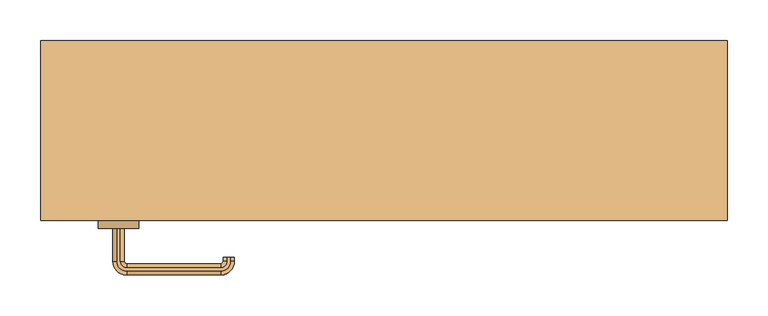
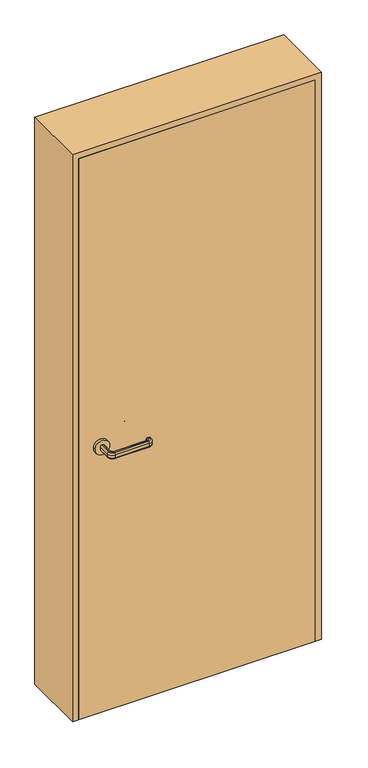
"""IFC4 building model written with IfcOpenShell, lengths in millimetres: door geometry, 鋼製_片開きマンション黒 : SD-2 w800h2000."""

from ifc_helpers import new_model, si_unit, point, frame, frame_2d, origin, origin_with_axes, place, context, project, spatial, polyline, circle_curve, ellipse_curve, trimmed, segment, composite_curve, outline, extrude, source, transform, mapped, element, save
from ifc_brep_helpers import plane_surface, cylinder_surface, revolved_surface, advanced_brep


def door_74c77d62(model_context):
    return source(origin(), model_context, "Body", "SolidModel", [
        advanced_brep(
        [(-327.0, -120.0, 960.0), (-323.0, -120.0, 960.0), (-318.0, -120.0, 955.0), (-318.0, -120.0, 945.0477623), (-323.0, -120.0, 940.0477623), (-327.0, -120.0, 940.0477623), (-332.0, -120.0, 945.0477623), (-332.0, -120.0, 955.0), (-332.0, -160.0, 955.0), (-327.0, -160.0, 960.0), (-332.0, -160.0, 945.0477623), (-327.0, -160.0, 940.0477623), (-323.0, -160.0, 940.0477623), (-315.0, -168.0, 940.0477623), (-200.0, -168.0, 940.0477623), (-192.0, -160.0, 940.0477623), (-192.0, -155.0, 940.0477623), (-188.0, -155.0, 940.0477623), (-188.0, -160.0, 940.0477623), (-200.0, -172.0, 940.0477623), (-315.0, -172.0, 940.0477623), (-318.0, -160.0, 945.0477623), (-318.0, -160.0, 955.0), (-323.0, -160.0, 960.0), (-315.0, -172.0, 960.0), (-200.0, -172.0, 960.0), (-188.0, -160.0, 960.0), (-188.0, -155.0, 960.0), (-192.0, -155.0, 960.0), (-192.0, -160.0, 960.0), (-200.0, -168.0, 960.0), (-315.0, -168.0, 960.0), (-315.0, -177.0, 955.0), (-315.0, -177.0, 945.0477623), (-315.0, -163.0, 945.0477623), (-315.0, -163.0, 955.0), (-200.0, -177.0, 955.0), (-200.0, -177.0, 945.0477623), (-200.0, -163.0, 945.0477623), (-200.0, -163.0, 955.0), (-183.0, -160.0, 955.0), (-183.0, -160.0, 945.0477623), (-197.0, -160.0, 945.0477623), (-197.0, -160.0, 955.0), (-183.0, -155.0, 955.0), (-183.0, -155.0, 945.0477623), (-197.0, -155.0, 945.0477623), (-197.0, -155.0, 955.0)],
        [
            (0, 1),
            (1, 2, circle_curve(frame((-323.0, -120.0, 955.0), z_axis=(0.0, 1.0, 0.0), x_axis=(-1.0, 0.0, 0.0)), 5.0)),
            (2, 3),
            (3, 4, circle_curve(frame((-323.0, -120.0, 945.0477623), z_axis=(0.0, 1.0, 0.0), x_axis=(-1.0, 0.0, 0.0)), 5.0)),
            (4, 5),
            (5, 6, circle_curve(frame((-327.0, -120.0, 945.0477623), z_axis=(0.0, 1.0, 0.0), x_axis=(-1.0, 0.0, 0.0)), 5.0)),
            (6, 7),
            (7, 0, circle_curve(frame((-327.0, -120.0, 955.0), z_axis=(0.0, 1.0, 0.0), x_axis=(-1.0, 0.0, 0.0)), 5.0)),
            (7, 8),
            (8, 9, circle_curve(frame((-327.0, -160.0, 955.0), z_axis=(0.0, 1.0, 0.0), x_axis=(-1.0, 0.0, 0.0)), 5.0)),
            (9, 0),
            (6, 10),
            (10, 8),
            (5, 11),
            (11, 10, circle_curve(frame((-327.0, -160.0, 945.0477623), z_axis=(0.0, 1.0, 0.0), x_axis=(-1.0, 0.0, 0.0)), 5.0)),
            (4, 12),
            (12, 13, circle_curve(frame((-315.0, -160.0, 940.0477623), z_axis=(0.0, 0.0, 1.0), x_axis=(-1.0, 0.0, 0.0)), 8.0)),
            (13, 14),
            (14, 15, circle_curve(frame((-200.0, -160.0, 940.0477623), z_axis=(0.0, 0.0, 1.0), x_axis=(0.0, -1.0, 0.0)), 8.0)),
            (15, 16),
            (16, 17),
            (17, 18),
            (18, 19, circle_curve(frame((-200.0, -160.0, 940.0477623), z_axis=(0.0, 0.0, -1.0), x_axis=(0.0, -1.0, 0.0)), 12.0)),
            (19, 20),
            (20, 11, circle_curve(frame((-315.0, -160.0, 940.0477623), z_axis=(0.0, 0.0, -1.0), x_axis=(-1.0, 0.0, 0.0)), 12.0)),
            (3, 21),
            (21, 12, circle_curve(frame((-323.0, -160.0, 945.0477623), z_axis=(0.0, 1.0, 0.0), x_axis=(-1.0, 0.0, 0.0)), 5.0)),
            (2, 22),
            (22, 21),
            (1, 23),
            (23, 22, circle_curve(frame((-323.0, -160.0, 955.0), z_axis=(0.0, 1.0, 0.0), x_axis=(-1.0, 0.0, 0.0)), 5.0)),
            (9, 24, circle_curve(frame((-315.0, -160.0, 960.0), z_axis=(0.0, 0.0, 1.0), x_axis=(-1.0, 0.0, 0.0)), 12.0)),
            (24, 25),
            (25, 26, circle_curve(frame((-200.0, -160.0, 960.0), z_axis=(0.0, 0.0, 1.0), x_axis=(0.0, -1.0, 0.0)), 12.0)),
            (26, 27),
            (27, 28),
            (28, 29),
            (29, 30, circle_curve(frame((-200.0, -160.0, 960.0), z_axis=(0.0, 0.0, -1.0), x_axis=(0.0, -1.0, 0.0)), 8.0)),
            (30, 31),
            (31, 23, circle_curve(frame((-315.0, -160.0, 960.0), z_axis=(0.0, 0.0, -1.0), x_axis=(-1.0, 0.0, 0.0)), 8.0)),
            (32, 24, circle_curve(frame((-315.0, -172.0, 955.0), z_axis=(-1.0, 0.0, 0.0), x_axis=(0.0, -1.0, 0.0)), 5.0)),
            (8, 32, circle_curve(frame((-315.0, -160.0, 955.0), z_axis=(0.0, 0.0, 1.0), x_axis=(-1.0, 0.0, 0.0)), 17.0)),
            (33, 32),
            (10, 33, circle_curve(frame((-315.0, -160.0, 945.0477623), z_axis=(0.0, 0.0, 1.0), x_axis=(-1.0, 0.0, 0.0)), 17.0)),
            (20, 33, circle_curve(frame((-315.0, -172.0, 945.0477623), z_axis=(-1.0, 0.0, 0.0), x_axis=(0.0, -1.0, 0.0)), 5.0)),
            (34, 13, circle_curve(frame((-315.0, -168.0, 945.0477623), z_axis=(-1.0, 0.0, 0.0), x_axis=(0.0, -1.0, 0.0)), 5.0)),
            (21, 34, circle_curve(frame((-315.0, -160.0, 945.0477623), z_axis=(0.0, 0.0, 1.0), x_axis=(-1.0, 0.0, 0.0)), 3.0)),
            (35, 34),
            (22, 35, circle_curve(frame((-315.0, -160.0, 955.0), z_axis=(0.0, 0.0, 1.0), x_axis=(-1.0, 0.0, 0.0)), 3.0)),
            (31, 35, circle_curve(frame((-315.0, -168.0, 955.0), z_axis=(-1.0, 0.0, 0.0), x_axis=(0.0, -1.0, 0.0)), 5.0)),
            (32, 36),
            (36, 25, circle_curve(frame((-200.0, -172.0, 955.0), z_axis=(-1.0, 0.0, 0.0), x_axis=(0.0, -1.0, 0.0)), 5.0)),
            (33, 37),
            (37, 36),
            (19, 37, circle_curve(frame((-200.0, -172.0, 945.0477623), z_axis=(-1.0, 0.0, 0.0), x_axis=(0.0, -1.0, 0.0)), 5.0)),
            (34, 38),
            (38, 14, circle_curve(frame((-200.0, -168.0, 945.0477623), z_axis=(-1.0, 0.0, 0.0), x_axis=(0.0, -1.0, 0.0)), 5.0)),
            (35, 39),
            (39, 38),
            (30, 39, circle_curve(frame((-200.0, -168.0, 955.0), z_axis=(-1.0, 0.0, 0.0), x_axis=(0.0, -1.0, 0.0)), 5.0)),
            (40, 26, circle_curve(frame((-188.0, -160.0, 955.0), z_axis=(0.0, -1.0, 0.0), x_axis=(1.0, 0.0, 0.0)), 5.0)),
            (36, 40, circle_curve(frame((-200.0, -160.0, 955.0), z_axis=(0.0, 0.0, 1.0), x_axis=(0.0, -1.0, 0.0)), 17.0)),
            (41, 40),
            (37, 41, circle_curve(frame((-200.0, -160.0, 945.0477623), z_axis=(0.0, 0.0, 1.0), x_axis=(0.0, -1.0, 0.0)), 17.0)),
            (18, 41, circle_curve(frame((-188.0, -160.0, 945.0477623), z_axis=(0.0, -1.0, 0.0), x_axis=(1.0, 0.0, 0.0)), 5.0)),
            (42, 15, circle_curve(frame((-192.0, -160.0, 945.0477623), z_axis=(0.0, -1.0, 0.0), x_axis=(1.0, 0.0, 0.0)), 5.0)),
            (38, 42, circle_curve(frame((-200.0, -160.0, 945.0477623), z_axis=(0.0, 0.0, 1.0), x_axis=(0.0, -1.0, 0.0)), 3.0)),
            (43, 42),
            (39, 43, circle_curve(frame((-200.0, -160.0, 955.0), z_axis=(0.0, 0.0, 1.0), x_axis=(0.0, -1.0, 0.0)), 3.0)),
            (29, 43, circle_curve(frame((-192.0, -160.0, 955.0), z_axis=(0.0, -1.0, 0.0), x_axis=(1.0, 0.0, 0.0)), 5.0)),
            (27, 44, circle_curve(frame((-188.0, -155.0, 955.0), z_axis=(0.0, 1.0, 0.0), x_axis=(1.0, 0.0, 0.0)), 5.0)),
            (44, 45),
            (45, 17, circle_curve(frame((-188.0, -155.0, 945.0477623), z_axis=(0.0, 1.0, 0.0), x_axis=(1.0, 0.0, 0.0)), 5.0)),
            (16, 46, circle_curve(frame((-192.0, -155.0, 945.0477623), z_axis=(0.0, 1.0, 0.0), x_axis=(1.0, 0.0, 0.0)), 5.0)),
            (46, 47),
            (47, 28, circle_curve(frame((-192.0, -155.0, 955.0), z_axis=(0.0, 1.0, 0.0), x_axis=(1.0, 0.0, 0.0)), 5.0)),
            (40, 44),
            (41, 45),
            (42, 46),
            (43, 47),
        ],
        [
            plane_surface(frame((-335.198039, -120.0, 950.0), z_axis=(0.0, 1.0, 0.0), x_axis=(0.0, 0.0, 1.0))),
            cylinder_surface(frame((-327.0, -120.0, 955.0), z_axis=(0.0, 1.0, 0.0), x_axis=(-1.0, 0.0, 0.0)), 5.0),
            plane_surface(frame((-332.0, -120.0, 955.0), z_axis=(-1.0, 0.0, 0.0), x_axis=(0.0, -1.0, 0.0))),
            cylinder_surface(frame((-327.0, -120.0, 945.0477623), z_axis=(0.0, 1.0, 0.0), x_axis=(-1.0, 0.0, 0.0)), 5.0),
            plane_surface(frame((-327.0, -120.0, 940.0477623), z_axis=(0.0, 0.0, -1.0), x_axis=(0.0, -1.0, 0.0))),
            cylinder_surface(frame((-323.0, -120.0, 945.0477623), z_axis=(0.0, 1.0, 0.0), x_axis=(-1.0, 0.0, 0.0)), 5.0),
            plane_surface(frame((-318.0, -120.0, 945.0477623), z_axis=(1.0, 0.0, 0.0), x_axis=(0.0, -1.0, 0.0))),
            cylinder_surface(frame((-323.0, -120.0, 955.0), z_axis=(0.0, 1.0, 0.0), x_axis=(-1.0, 0.0, 0.0)), 5.0),
            plane_surface(frame((-323.0, -120.0, 960.0), z_axis=(0.0, 0.0, 1.0), x_axis=(0.0, -1.0, 0.0))),
            revolved_surface(trimmed(ellipse_curve(frame((-327.0, -160.0, 955.0), z_axis=(0.0, -1.0, 0.0), x_axis=(-1.0, 0.0, 0.0)), 5.0, 5.0), [point((-327.0, -160.0, 960.0))], [point((-332.0, -160.0, 955.0))], True, "CARTESIAN"), (-315.0, -160.0, 950.0), (0.0, 0.0, -1.0)),
            cylinder_surface(frame((-315.0, -160.0, 950.0), z_axis=(0.0, 0.0, -1.0), x_axis=(-1.0, 0.0, 0.0)), 17.0),
            revolved_surface(trimmed(ellipse_curve(frame((-327.0, -160.0, 945.0477623), z_axis=(0.0, -1.0, 0.0), x_axis=(-1.0, 0.0, 0.0)), 5.0, 5.0), [point((-332.0, -160.0, 945.0477623))], [point((-327.0, -160.0, 940.0477623))], True, "CARTESIAN"), (-315.0, -160.0, 950.0), (0.0, 0.0, -1.0)),
            revolved_surface(trimmed(ellipse_curve(frame((-323.0, -160.0, 945.0477623), z_axis=(0.0, -1.0, 0.0), x_axis=(-1.0, 0.0, 0.0)), 5.0, 5.0), [point((-323.0, -160.0, 940.0477623))], [point((-318.0, -160.0, 945.0477623))], True, "CARTESIAN"), (-315.0, -160.0, 950.0), (0.0, 0.0, -1.0)),
            revolved_surface(polyline([(-318.0, -160.0, 945.0477623), (-318.0, -160.0, 955.0)]), (-315.0, -160.0, 950.0), (0.0, 0.0, -1.0)),
            revolved_surface(trimmed(ellipse_curve(frame((-323.0, -160.0, 955.0), z_axis=(0.0, -1.0, 0.0), x_axis=(-1.0, 0.0, 0.0)), 5.0, 5.0), [point((-318.0, -160.0, 955.0))], [point((-323.0, -160.0, 960.0))], True, "CARTESIAN"), (-315.0, -160.0, 950.0), (0.0, 0.0, -1.0)),
            cylinder_surface(frame((-315.0, -172.0, 955.0), z_axis=(-1.0, 0.0, 0.0), x_axis=(0.0, -1.0, 0.0)), 5.0),
            plane_surface(frame((-315.0, -177.0, 955.0), z_axis=(0.0, -1.0, 0.0), x_axis=(1.0, 0.0, 0.0))),
            cylinder_surface(frame((-315.0, -172.0, 945.0477623), z_axis=(-1.0, 0.0, 0.0), x_axis=(0.0, -1.0, 0.0)), 5.0),
            cylinder_surface(frame((-315.0, -168.0, 945.0477623), z_axis=(-1.0, 0.0, 0.0), x_axis=(0.0, -1.0, 0.0)), 5.0),
            plane_surface(frame((-315.0, -163.0, 945.0477623), z_axis=(0.0, 1.0, 0.0), x_axis=(1.0, 0.0, 0.0))),
            cylinder_surface(frame((-315.0, -168.0, 955.0), z_axis=(-1.0, 0.0, 0.0), x_axis=(0.0, -1.0, 0.0)), 5.0),
            revolved_surface(trimmed(ellipse_curve(frame((-200.0, -172.0, 955.0), z_axis=(1.0, 0.0, 0.0), x_axis=(0.0, -1.0, 0.0)), 5.0, 5.0), [point((-200.0, -172.0, 960.0))], [point((-200.0, -177.0, 955.0))], True, "CARTESIAN"), (-200.0, -160.0, 950.0), (0.0, 0.0, -1.0)),
            cylinder_surface(frame((-200.0, -160.0, 950.0), z_axis=(0.0, 0.0, -1.0), x_axis=(0.0, -1.0, 0.0)), 17.0),
            revolved_surface(trimmed(ellipse_curve(frame((-200.0, -172.0, 945.0477623), z_axis=(1.0, 0.0, 0.0), x_axis=(0.0, -1.0, 0.0)), 5.0, 5.0), [point((-200.0, -177.0, 945.0477623))], [point((-200.0, -172.0, 940.0477623))], True, "CARTESIAN"), (-200.0, -160.0, 950.0), (0.0, 0.0, -1.0)),
            revolved_surface(trimmed(ellipse_curve(frame((-200.0, -168.0, 945.0477623), z_axis=(1.0, 0.0, 0.0), x_axis=(0.0, -1.0, 0.0)), 5.0, 5.0), [point((-200.0, -168.0, 940.0477623))], [point((-200.0, -163.0, 945.0477623))], True, "CARTESIAN"), (-200.0, -160.0, 950.0), (0.0, 0.0, -1.0)),
            revolved_surface(polyline([(-200.0, -163.0, 945.0477623), (-200.0, -163.0, 955.0)]), (-200.0, -160.0, 950.0), (0.0, 0.0, -1.0)),
            revolved_surface(trimmed(ellipse_curve(frame((-200.0, -168.0, 955.0), z_axis=(1.0, 0.0, 0.0), x_axis=(0.0, -1.0, 0.0)), 5.0, 5.0), [point((-200.0, -163.0, 955.0))], [point((-200.0, -168.0, 960.0))], True, "CARTESIAN"), (-200.0, -160.0, 950.0), (0.0, 0.0, -1.0)),
            plane_surface(frame((-200.198039, -155.0, 950.0), z_axis=(0.0, 1.0, 0.0), x_axis=(0.0, 0.0, -1.0))),
            cylinder_surface(frame((-188.0, -160.0, 955.0), z_axis=(0.0, -1.0, 0.0), x_axis=(1.0, 0.0, 0.0)), 5.0),
            plane_surface(frame((-183.0, -160.0, 955.0), z_axis=(1.0, 0.0, 0.0), x_axis=(0.0, 1.0, 0.0))),
            cylinder_surface(frame((-188.0, -160.0, 945.0477623), z_axis=(0.0, -1.0, 0.0), x_axis=(1.0, 0.0, 0.0)), 5.0),
            cylinder_surface(frame((-192.0, -160.0, 945.0477623), z_axis=(0.0, -1.0, 0.0), x_axis=(1.0, 0.0, 0.0)), 5.0),
            plane_surface(frame((-197.0, -160.0, 945.0477623), z_axis=(-1.0, 0.0, 0.0), x_axis=(0.0, 1.0, 0.0))),
            cylinder_surface(frame((-192.0, -160.0, 955.0), z_axis=(0.0, -1.0, 0.0), x_axis=(1.0, 0.0, 0.0)), 5.0),
        ],
        [
            (0, [[1, 2, 3, 4, 5, 6, 7, 8]]),
            (1, [[9, 10, 11, -8]]),
            (2, [[12, 13, -9, -7]]),
            (3, [[14, 15, -12, -6]]),
            (4, [[16, 17, 18, 19, 20, 21, 22, 23, 24, 25, -14, -5]]),
            (5, [[26, 27, -16, -4]]),
            (6, [[28, 29, -26, -3]]),
            (7, [[30, 31, -28, -2]]),
            (8, [[-11, 32, 33, 34, 35, 36, 37, 38, 39, 40, -30, -1]]),
            (9, [[41, -32, -10, 42]]),
            (10, [[43, -42, -13, 44]]),
            (11, [[45, -44, -15, -25]]),
            (12, [[46, -17, -27, 47]]),
            (13, [[48, -47, -29, 49]]),
            (14, [[50, -49, -31, -40]]),
            (15, [[51, 52, -33, -41]]),
            (16, [[53, 54, -51, -43]]),
            (17, [[-24, 55, -53, -45]]),
            (18, [[56, 57, -18, -46]]),
            (19, [[58, 59, -56, -48]]),
            (20, [[-39, 60, -58, -50]]),
            (21, [[61, -34, -52, 62]]),
            (22, [[63, -62, -54, 64]]),
            (23, [[65, -64, -55, -23]]),
            (24, [[66, -19, -57, 67]]),
            (25, [[68, -67, -59, 69]]),
            (26, [[70, -69, -60, -38]]),
            (27, [[71, 72, 73, -21, 74, 75, 76, -36]]),
            (28, [[77, -71, -35, -61]]),
            (29, [[78, -72, -77, -63]]),
            (30, [[-22, -73, -78, -65]]),
            (31, [[79, -74, -20, -66]]),
            (32, [[80, -75, -79, -68]]),
            (33, [[-37, -76, -80, -70]]),
        ],
    ),
        advanced_brep(
        [(-323.0, -70.0, 940.0), (-318.0, -70.0, 945.0), (-318.0, -70.0, 955.0), (-323.0, -70.0, 960.0), (-327.0, -70.0, 960.0), (-332.0, -70.0, 955.0), (-332.0, -70.0, 945.0), (-327.0, -70.0, 940.0), (-327.0, -30.0, 940.0), (-315.0, -18.0, 940.0), (-200.0, -18.0, 940.0), (-188.0, -30.0, 940.0), (-188.0, -35.0, 940.0), (-192.0, -35.0, 940.0), (-192.0, -30.0, 940.0), (-200.0, -22.0, 940.0), (-315.0, -22.0, 940.0), (-323.0, -30.0, 940.0), (-332.0, -30.0, 945.0), (-332.0, -30.0, 955.0), (-327.0, -30.0, 960.0), (-323.0, -30.0, 960.0), (-315.0, -22.0, 960.0), (-200.0, -22.0, 960.0), (-192.0, -30.0, 960.0), (-192.0, -35.0, 960.0), (-188.0, -35.0, 960.0), (-188.0, -30.0, 960.0), (-200.0, -18.0, 960.0), (-315.0, -18.0, 960.0), (-318.0, -30.0, 955.0), (-318.0, -30.0, 945.0), (-315.0, -13.0, 945.0), (-315.0, -13.0, 955.0), (-315.0, -27.0, 955.0), (-315.0, -27.0, 945.0), (-200.0, -13.0, 945.0), (-200.0, -13.0, 955.0), (-200.0, -27.0, 955.0), (-200.0, -27.0, 945.0), (-183.0, -30.0, 945.0), (-183.0, -30.0, 955.0), (-197.0, -30.0, 955.0), (-197.0, -30.0, 945.0), (-183.0, -35.0, 945.0), (-183.0, -35.0, 955.0), (-197.0, -35.0, 955.0), (-197.0, -35.0, 945.0)],
        [
            (0, 1, circle_curve(frame((-323.0, -70.0, 945.0), z_axis=(0.0, -1.0, 0.0), x_axis=(1.0, 0.0, 0.0)), 5.0)),
            (1, 2),
            (2, 3, circle_curve(frame((-323.0, -70.0, 955.0), z_axis=(0.0, -1.0, 0.0), x_axis=(1.0, 0.0, 0.0)), 5.0)),
            (3, 4),
            (4, 5, circle_curve(frame((-327.0, -70.0, 955.0), z_axis=(0.0, -1.0, 0.0), x_axis=(1.0, 0.0, 0.0)), 5.0)),
            (5, 6),
            (6, 7, circle_curve(frame((-327.0, -70.0, 945.0), z_axis=(0.0, -1.0, 0.0), x_axis=(1.0, 0.0, 0.0)), 5.0)),
            (7, 0),
            (7, 8),
            (8, 9, circle_curve(frame((-315.0, -30.0, 940.0), z_axis=(0.0, 0.0, -1.0), x_axis=(-1.0, 0.0, 0.0)), 12.0)),
            (9, 10),
            (10, 11, circle_curve(frame((-200.0, -30.0, 940.0), z_axis=(0.0, 0.0, -1.0), x_axis=(0.0, 1.0, 0.0)), 12.0)),
            (11, 12),
            (12, 13),
            (13, 14),
            (14, 15, circle_curve(frame((-200.0, -30.0, 940.0), z_axis=(0.0, 0.0, 1.0), x_axis=(0.0, 1.0, 0.0)), 8.0)),
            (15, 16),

•••

_What to do_
For each line in the records that contains the word "from", make a copy.

_Result of this exercise_
from ifc_helpers import new_model, si_unit, point, frame, frame_2d, origin, origin_with_axes, place, context, project, spatial, polyline, circle_curve, ellipse_curve, trimmed, segment, composite_curve, outline, extrude, source, transform, mapped, element, save
from ifc_brep_helpers import plane_surface, cylinder_surface, revolved_surface, advanced_brep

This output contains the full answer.